これに基づき、働かない分は支払わないと雇用者側が定めるのは、違法ではありません。これを「ノーワーク・ノーペイの原則」(労働基準法24条)と言います。
しかし、好きなように罰金やペナルティを決めて良いわけでなく、それはまた次のような定めがあります。減給制裁の制限額などの法のもと、あらかじめ決められたルールがあります。
1. 企業側はあらかじめ就業規則に定め、全員に周知しておくことが前提条件
2.減額を行う場合は、5分の遅刻なら、5分相当の賃金カットは可能
3.遅刻の制裁としての罰金は、定めがあったとしても平均賃金(事由が発生した日以前の3ヶ月間の賃金総額÷該当する3ヶ月間の総日数)の半額まで
4.1ヶ月の間に何度も遅刻したとしても、減額できるのは月給の10分の1まで
以上の定めから、減給が違法になるケースとならないケースの例を解説します。
減給が違法になるケース
1.そもそも、あらかじめ就業規則に懲罰を定めていなければ、減給は違法です。定めてあったとしても、就業規則そのものの内容を知らせていなければ、減給はできないでしょう。

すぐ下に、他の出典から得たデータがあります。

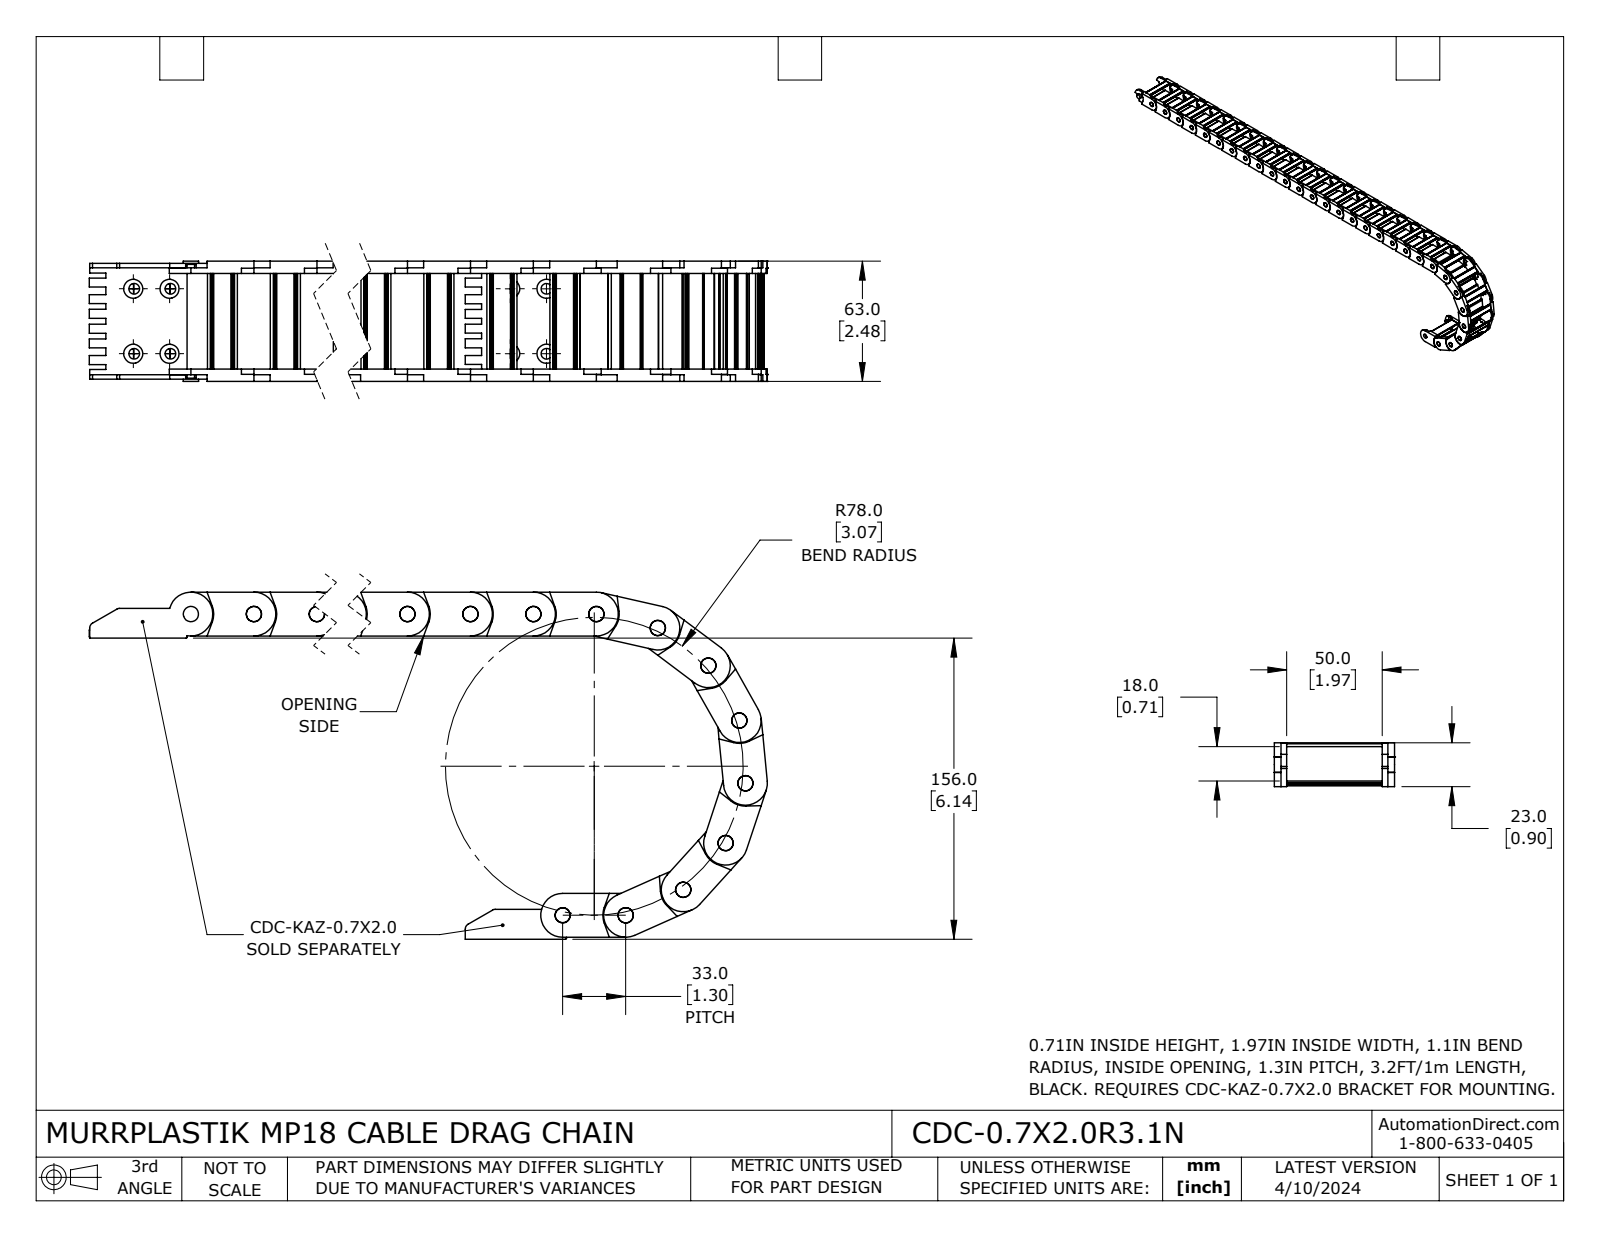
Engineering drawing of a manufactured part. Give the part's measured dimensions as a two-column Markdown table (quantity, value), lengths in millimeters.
| quantity | value |
| --- | --- |
| part name | CDC-0.7X2.0R3.1N |
| STEP written by | SolidWorks 2023 (CONFIG_CONTROL_DESIGN) |
| units | millimeters |
| bodies | 30 solids, 2370 faces (1110 planar, 1260 cylindrical, 0 other) |
| overall size | 826.89 × 180.72 × 63 |
| volume | 345 175 mm³ |
| surface area | 267 172 mm² |
| round holes (diameter × count) | 8 × 30 |
| round bosses / shafts (diameter × count) | 8 × 1 |
| partial cylindrical surfaces (radius × count) | 0.5 × 120, 1.5 × 120, 0.2 × 60, 0.3 × 60, 11.5 × 31, 11.95 × 31, 5 × 30, 5.45 × 30 |
| main face-to-face distances | 6.5, 56.5, 63, 3.5, 59.5, 3, 53, 3.7, 59.3, 55.8 |
| hole center spacings | 33, 66, 99, 132, 165, 198, 231, 264 |

2.平均賃金が8000円の人に、懲罰として1回の罰金1万円は、減額の上限(平均賃金の半分まで)を超えているので、違法になります。
3 月給20万円の人が、1回の罰金、4000円が10回になったとしても、4万円を減額するのは違法です。(月給の10分の1で2万円までの減給は可能)
減給が違法にならないケース
ノーワーク・ノーペイの原則に基づいた減額は基本的に違法ではありません。
1.例えば、東京都の最低賃金は1113円となりましたが、1分で計算すると18.55円です。この場合、5分の遅刻なら92.75円分をカットしてもよいことになります。
2.実は台風や地震など、労働者側の責任ではないケースも、減給されたとしても違法ではありません。ノーワーク・ノーペイの原則に照らしてみると、労務の提供がないケースだからです。

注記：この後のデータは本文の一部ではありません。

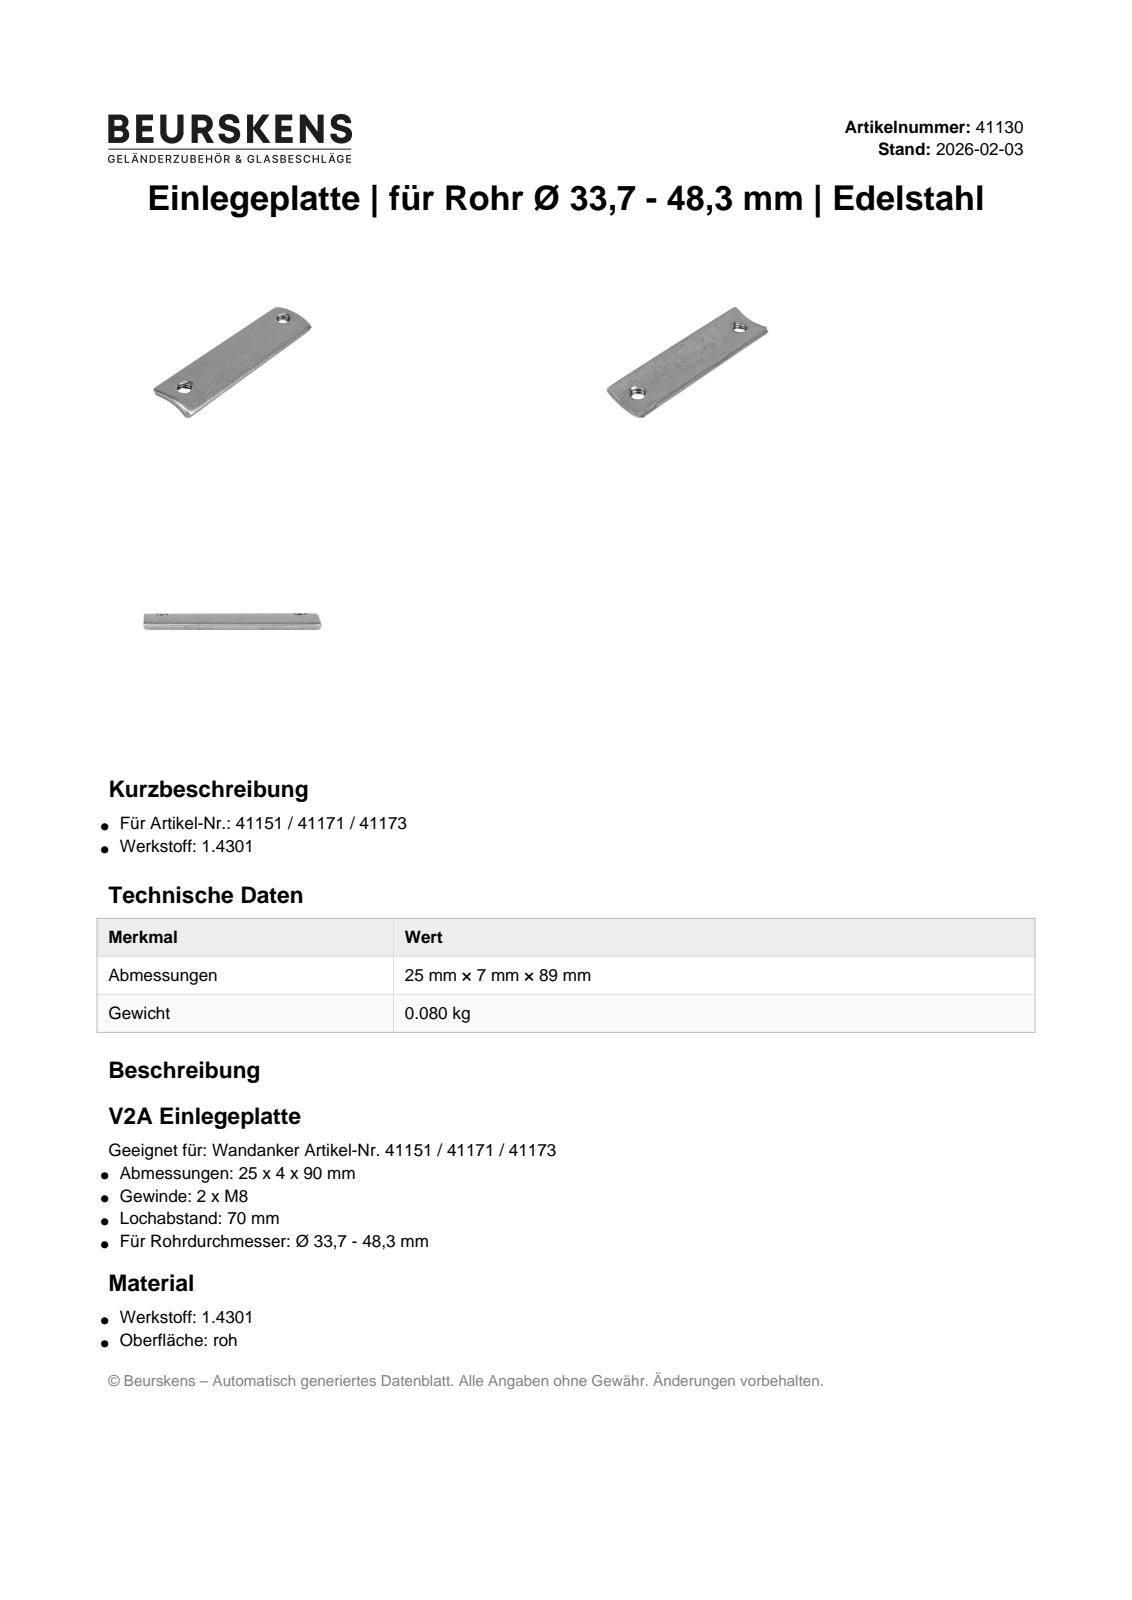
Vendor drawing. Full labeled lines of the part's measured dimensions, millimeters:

一般的には悪質な遅刻でなければ、電車の遅延を大目に見る会社は多いでしょう。
遅刻をして大幅に減給? どうすればいい?
5分遅刻をしたところ上司から、「遅刻はペナルティ3万円!」、「今月は遅刻と早退2回で減給5万」などと言われたとします。本来はそのような規則があっても、違法と思われる内容ですが、まずは就業規則を確認しましょう。元々、就業規則に定められていない場合には、減給のペナルティ自体が違法となります。
就業規則の懲戒などの項目に、減給の定めがあるのか、よく確認しましょう。
また、中小企業などで就業規則そのものがない場合もありますが、労働基準法第89条に照らし、企業としては違法行為とされ、罰金刑になります。場合によっては就業規則そのものがあるかどうかも確認しましょう。
本当に減給処分があるのか、有給休暇の消化も含めて、労務担当に相談してみましょう。労働基準監督署へ駆け込む前に、まずは所属の担当部門に話してみることをお勧めします。
まとめ
社会人の遅刻は、かなり周囲の評判を落としてしまう行為です。もし、1度でもうっかり遅刻してしまったら、その後は気を付けて行動しましょう。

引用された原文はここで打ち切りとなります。